Fake News

Can we make one thing perfectly, crystal-fuckin-clear, please? Not. Every. Story. Is. Fake. News.

It certainly exists, but that does not mean all news is fake by default.

These days, it’s easy to dismiss a story that doesn’t agree with your views as “fake news” (our President-Elect does it all the time!), but that will get you nowhere. News made up of verifiable facts that you don’t like is still real news. News made up of outright lies is fake news. Refusing to face harsh realities because they shatter your beliefs is cowardly. Slapping the “fake news” label on those realities as justification and then calling it a day is beyond cowardly.

Anyway, let’s talk about what happened at Donald Trump’s shit show of a press conference this morning. At one point, Trump refused to take a question from CNN’s Senior White House Correspondent, Jim Acosta, who was upset that the President-Elect was criticizing his organization. Trump pointed at Acosta and said, “Your organization is terrible…Don’t be rude. No, I’m not going to give you a question. You’re fake news.”

In case you haven’t seen the video of the exchange yet:

CNN leans liberal. No doubt about it. Every major news outlet leans left or right; it’s not a new phenomenon. But regardless of your political affiliation, you can acknowledge CNN as a legitimate news source. Hell, even Fox News can get along with CNN:

I understand that people simply don’t trust the media (or the CIA, or the FBI, or the banks, or any other major institution…) in America anymore, but this latest craze has brought skepticism to a whole new, ridiculous level.

Let me tell you a little bit about the journalistic process from my time studying Journalism at Washington State: there is a code of ethics that was drilled into my brain for years there. Telling the truth is paramount to that code, whether it be accurately reciting a quote, tirelessly vetting facts, or always labeling someone on trial as “alleged” until a verdict is reached. If anyone who seriously studies journalism isn’t intimately familiar with that code, they must have slept through every class.

Now, let me tell you what I learned in the exhausting, thankless role of fact-checker at San Francisco Magazine: That journalistic process is like constantly walking on eggshells. A typo on a single letter can cost an outlet its reputation and, potentially, millions of dollars. For the most part, journalists are exceptionally careful to be accurate and fair with their reporting. Facts and quotes are checked obsessively to verify their truth. When writing a news story, meticulous records are kept behind the scenes to defend against inevitable backlash and even lawsuits.

Can you imagine how many long, uncomfortable phone calls I had to conduct with people personally affected by this case just to triple-check our story was 100 percent accurate? I mean, I had to ask family members and friends of the people on trial to confirm personal facts while the trial was happening – I was the last person they wanted to hear from. Even things as mundane as “did Prell drive the 5-Fulton line and honk at his friends?” are verified. We did this for every single story, regardless of length.

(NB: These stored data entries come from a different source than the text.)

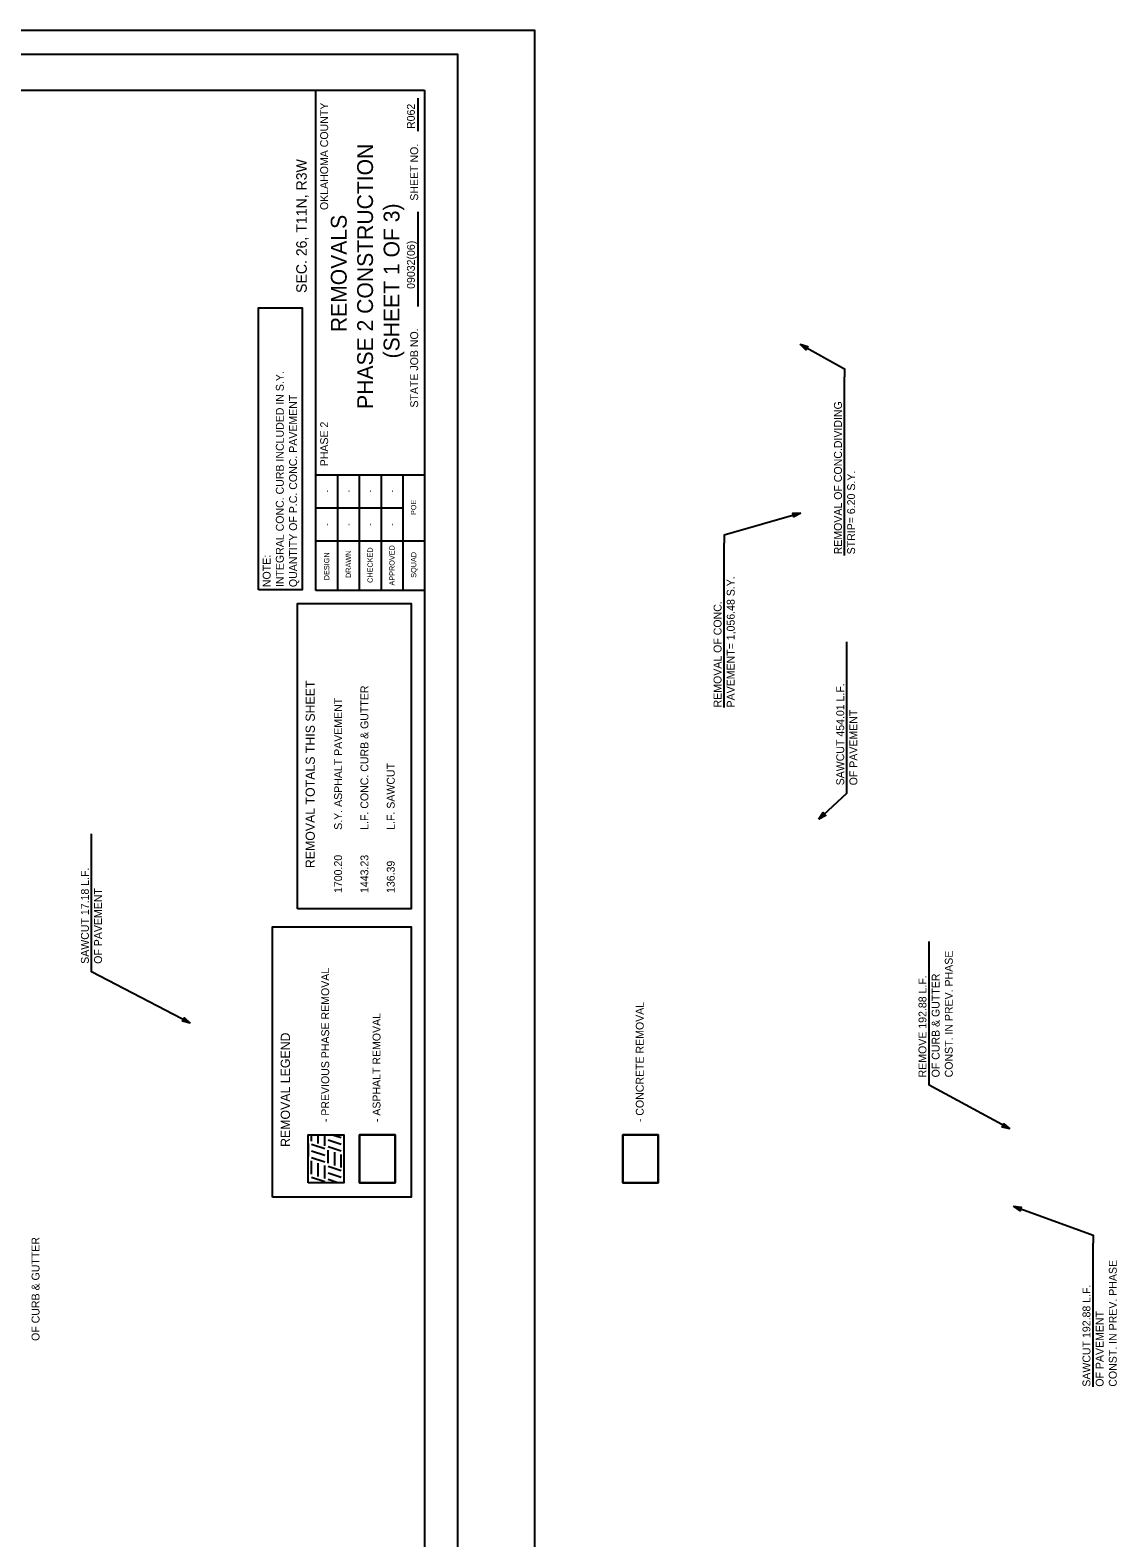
# Model space of a CAD drawing. Extents: x 2150645 to 2152288, y 141590 to 143592.
# Drawn here: x 2151462 to 2152288, y 142447 to 143592 of the extents above; entities that cross this region are included whole.
import ezdxf

# ---------------------------------------------------------------- set-up
doc = ezdxf.new("R2010")
doc.units = 0
for name, color, linetype in [('EX_Align', 7, 'Continuous'), ('INR_InRoads_Unassigned', 7, 'Continuous'), ('PR_Align_Ramp_D', 7, 'Continuous'), ('PR_Pattern_Area_Removal_Asph', 7, 'Continuous'), ('PR_Pattern_Area_Removal_Conc', 7, 'Continuous'), ('PR_Phasing_Pavement_1', 7, 'Continuous'), ('SHT_Standard_Sheet_Lines', 7, 'Continuous'), ('SHT_Standard_Sheet_Txt', 7, 'Continuous'), ('SHT_Title_Sheet_Misc', 7, 'Continuous'), ('TOPO_DRAIN_Headwall', 7, 'Continuous'), ('TOPO_San Manhole', 7, 'Continuous')]:
    doc.layers.add(name, color=color, linetype=linetype)

msp = doc.modelspace()

# ---------------------------------------------------------------- linework, layer by layer
at = {"layer": 'EX_Align'}
msp.add_lwpolyline([(2150645.3, 141792.1), (2150645.3, 143592.1), (2151845.3, 143592.1), (2151845.3, 141792.1)], close=True, dxfattribs=at)
at = {"layer": 'PR_Align_Ramp_D'}
for p, q in [((2151679.1, 143166.4), (2151679.1, 143546.4)), ((2151761.6, 143253.9), (2151679, 143253.9)), ((2151761.6, 143166.4), (2151679.1, 143166.4))]:
    msp.add_line(p, q, dxfattribs=at)
msp.add_lwpolyline([(2151761.6, 143546.4), (2151761.6, 141971.4), (2150711.6, 141971.4), (2150711.6, 143546.4)], close=True, dxfattribs=at)
at = {"layer": 'PR_Pattern_Area_Removal_Asph'}
msp.add_lwpolyline([(2151739.3, 142716.2), (2151739.3, 142752.8), (2151712.3, 142752.8), (2151712.3, 142716.2), (2151739.3, 142716.2)], dxfattribs=at)
at = {"layer": 'PR_Pattern_Area_Removal_Conc'}
for p, q in [((2151673.4, 142736.2), (2151673.4, 142746.2)), ((2151675.9, 142747.9), (2151675.9, 142752.8)), ((2151685.8, 142742.1), (2151675.9, 142745.4)), ((2151680.9, 142746.2), (2151680.9, 142752.8)), ((2151685.9, 142744.5), (2151685.9, 142752.8)), ((2151698.4, 142740.4), (2151688.4, 142743.7)), ((2151698.4, 142745.4), (2151688.5, 142748.7)), ((2151698.4, 142750.4), (2151691, 142752.8)), ((2151685.8, 142737.1), (2151675.9, 142740.4)), ((2151685.8, 142732.1), (2151675.9, 142735.4)), ((2151675.9, 142722.9), (2151675.9, 142732.9)), ((2151680.9, 142721.2), (2151680.9, 142731.2)), ((2151688.4, 142731.2), (2151688.4, 142741.2)), ((2151693.4, 142729.5), (2151693.4, 142739.5)), ((2151698.4, 142727.9), (2151698.4, 142737.9)), ((2151673.3, 142716.2), (2151673.3, 142721.2)), ((2151685.8, 142717.1), (2151675.9, 142720.4)), ((2151685.9, 142719.5), (2151685.9, 142729.5)), ((2151698.4, 142725.4), (2151688.4, 142728.7)), ((2151698.4, 142720.4), (2151688.4, 142723.7)), ((2151695.9, 142716.2), (2151688.4, 142718.7))]:
    msp.add_line(p, q, dxfattribs=at)
msp.add_lwpolyline([(2151939.3, 142716.2), (2151939.3, 142752.8), (2151912.3, 142752.8), (2151912.3, 142716.2), (2151939.3, 142716.2)], dxfattribs=at)
at = {"layer": 'SHT_Standard_Sheet_Lines'}
for p, q in [((2151756.8, 143515.2), (2151756.8, 143540.3)), ((2151756.8, 143382), (2151756.8, 143454)), ((2151745.1, 143228.9), (2151679, 143228.9)), ((2151761.6, 143203.9), (2151679, 143203.9))]:
    msp.add_line(p, q, dxfattribs=at)
for points in [[(2151695.6, 143253.9), (2151695.6, 143166.4)], [(2151712.1, 143253.9), (2151712.1, 143166.4)], [(2151728.6, 143253.9), (2151728.6, 143166.4)], [(2151745.1, 143253.9), (2151745.1, 143166.4)]]:
    msp.add_lwpolyline(points, dxfattribs=at)
at = {"layer": 'SHT_Title_Sheet_Misc'}
for points in [[(2151635.6, 143166.9), (2151635.6, 143381), (2151668.7, 143381), (2151668.7, 143166.9)], [(2151665.2, 142924.5), (2151665.2, 143156.4), (2151751.6, 143156.4), (2151751.6, 142924.5)], [(2151646.1, 142705.4), (2151646.1, 142910.8), (2151751.6, 142910.8), (2151751.6, 142705.4)], [(2151673.3, 142716.2), (2151673.3, 142752.8), (2151700.3, 142752.8), (2151700.3, 142716.2)], [(2151712.3, 142716.2), (2151712.3, 142752.8), (2151739.3, 142752.8), (2151739.3, 142716.2)], [(2151912.3, 142716.2), (2151912.3, 142752.8), (2151939.3, 142752.8), (2151939.3, 142716.2)]]:
    msp.add_lwpolyline(points, close=True, dxfattribs=at)
at = {"layer": 'TOPO_DRAIN_Headwall'}
msp.add_lwpolyline([(2150686.6, 141873.9), (2150686.6, 143573.9), (2151786.6, 143573.9), (2151786.6, 141873.9)], close=True, dxfattribs=at)
at = {"layer": 'TOPO_San Manhole'}
for p, q in [((2152080.8, 143192.9), (2152080.8, 143328.8)), ((2151989.3, 143077.5), (2151989.3, 143202.3)), ((2152082.5, 143018.3), (2152082.5, 143127.3)), ((2151508.6, 142882.7), (2151508.6, 142981.5)), ((2152145, 142796.4), (2152145, 142899.6)), ((2152269.6, 142561.4), (2152269.6, 142670.5))]:
    msp.add_line(p, q, dxfattribs=at)
for points in [[(2152047.1, 143353.4), (2152080.8, 143334.8), (2152080.8, 143328.8)], [(2152047.5, 143225.2), (2151989.3, 143208.3), (2151989.3, 143202.3)], [(2152061.2, 142992.6), (2152082.5, 143012.3), (2152082.5, 143018.3)], [(2151583.7, 142837.7), (2151508.6, 142876.7), (2151508.6, 142882.7)], [(2152206.3, 142757.2), (2152145, 142790.4), (2152145, 142796.4)], [(2152209.2, 142698.5), (2152269.6, 142676.5), (2152269.6, 142670.5)]]:
    msp.add_lwpolyline(points, dxfattribs=at)
for points in [[(2152047.1, 143353.4), (2152052.9, 143351.8), (2152051.5, 143349.3)], [(2152047.5, 143225.2), (2152042.3, 143222.2), (2152041.5, 143225)], [(2152061.2, 142992.6), (2152064.5, 142997.7), (2152066.5, 142995.5)], [(2151583.7, 142837.7), (2151577.8, 142839.1), (2151579.2, 142841.7)], [(2152206.3, 142757.2), (2152200.5, 142758.7), (2152201.9, 142761.2)], [(2152209.2, 142698.5), (2152215.1, 142697.9), (2152214.1, 142695.1)]]:
    msp.add_lwpolyline(points, close=True, dxfattribs=at)

# ---------------------------------------------------------------- texts
at = {"layer": 'INR_InRoads_Unassigned'}
msp.add_text('SEC. 26, T11N, R3W', height=8, rotation=90.027, dxfattribs=at).set_placement((2151672.2, 143392.4))
at = {"layer": 'PR_Phasing_Pavement_1'}
for s, p in [('INTEGRAL CONC. CURB INCLUDED IN S.Y.', (2151654.7, 143168.9)), ('QUANTITY OF P.C. CONC. PAVEMENT', (2151664.8, 143168.9)), ('NOTE:', (2151644.7, 143168.9))]:
    msp.add_text(s, height=6, rotation=90, dxfattribs=at).set_placement(p)
at = {"layer": 'SHT_Standard_Sheet_Txt'}
for s, height, p in [('OKLAHOMA COUNTY', 6, (2151688.4, 143455.4)), ('R062', 6, (2151754.3, 143517)), ('PHASE 2 CONSTRUCTION', 12, (2151722.5, 143304.3)), ('SHEET NO. ', 6, (2151756.8, 143462.5)), ('(SHEET 1 OF 3)', 12, (2151742.6, 143342.7)), ('REMOVALS', 12, (2151702.5, 143362.6)), ('09032(06)', 6, (2151754.3, 143395.5)), ('STATE JOB NO.', 6, (2151756.8, 143305.3)), ('PHASE 2', 6, (2151688.4, 143260.7)), ('-', 4, (2151689.3, 143240.9)), ('-', 4, (2151705.8, 143240.9)), ('-', 4, (2151722.3, 143240.9)), ('-', 4, (2151738.8, 143240.9)), ('POE', 4, (2151755.3, 143223.7)), ('-', 4, (2151689.3, 143215.5)), ('-', 4, (2151705.8, 143215.5)), ('-', 4, (2151722.3, 143215.5)), ('-', 4, (2151738.8, 143215.5)), ('DESIGN', 4, (2151689.3, 143174.1)), ('DRAWN', 4, (2151705.8, 143175.8)), ('CHECKED', 4, (2151722.3, 143172.1)), ('APPROVED', 4, (2151738.9, 143170.1)), ('SQUAD', 4, (2151755.4, 143176))]:
    msp.add_text(s, height=height, rotation=90, dxfattribs=at).set_placement(p)
at = {"layer": 'TOPO_San Manhole'}
for s, height, p in [('REMOVAL OF CONC.DIVIDING', 6, (2152078.8, 143193.8)), ('STRIP= 6.20 S.Y.', 6, (2152088.8, 143193.8)), ('PAVEMENT= 1,056.48 S.Y.', 6, (2151997.3, 143077.5)), ('REMOVAL OF CONC.', 6, (2151987.3, 143077.5)), ('REMOVAL TOTALS THIS SHEET', 7, (2151678.3, 142955.4)), ('L.F. CONC. CURB & GUTTER', 6, (2151719, 142984.5)), ('SAWCUT 454.01 L.F. ', 6, (2152080.5, 143018.3)), ('S.Y. ASPHALT PAVEMENT', 6, (2151699, 142984.5)), ('OF PAVEMENT', 6, (2152090.5, 143018.3)), ('L.F. SAWCUT', 6, (2151739, 142984.5)), ('1700.20', 6, (2151699, 142936.5)), ('1443.23', 6, (2151719, 142936.5)), ('136.39', 6, (2151739, 142936.5)), ('SAWCUT 17.18 L.F. ', 6, (2151506.6, 142882.7)), ('OF PAVEMENT', 6, (2151516.6, 142882.7)), ('CONST. IN PREV. PHASE', 6, (2152163, 142796.4)), ('- PREVIOUS PHASE REMOVAL', 6, (2151689.2, 142762.4)), ('REMOVE 192.88 L.F.', 6, (2152143, 142796.4)), ('OF CURB & GUTTER', 6, (2152153, 142796.4)), ('- CONCRETE REMOVAL', 6, (2151928.2, 142762.4)), ('- ASPHALT REMOVAL', 6, (2151728.2, 142762.4)), ('REMOVAL LEGEND', 7, (2151659.4, 142743.6)), ('OF CURB & GUTTER', 6, (2151469.1, 142596.2)), ('CONST. IN PREV. PHASE', 6, (2152287.6, 142561.4)), ('SAWCUT 192.88 L.F. ', 6, (2152267.6, 142561.4)), ('OF PAVEMENT', 6, (2152277.6, 142561.4))]:
    msp.add_text(s, height=height, rotation=90, dxfattribs=at).set_placement(p)

doc.saveas('drawing.dxf')

With these things in mind, what CNN reported yesterday was completely fair and newsworthy. They only shared what they knew to be 100 percent true – that intelligence briefings presented to Trump included allegations that the Russians are trying to compromise him. CNN did its due diligence to verify those claims before reporting. As they should have. They even said they didn’t share the document because they hadn’t confirmed what was in it.

(Now, you can definitely make a case for BuzzFeed acting irresponsibly and unethically because they straight up shared the full briefing document – the “document dump” referenced in the tweet above – without independently verifying the accuracy of its contents. In comparison, what CNN reported was done so legitimately.)

Look, the media pisses me off too. I say that as someone who has been – and in some respects still am – a journalist. I think the premium placed on being the first to report on something, whether fully factual or not, is a dangerous trend. I think writing headlines to attract clicks and ad revenue but mislead the reader is complete bullshit.

There are plenty of things to be upset about and distrustful of, and maybe those things snowballed into what we have now. But what Trump did in his presser and what he continues to do to any media that disagrees with him, is incredibly serious and unprecedented.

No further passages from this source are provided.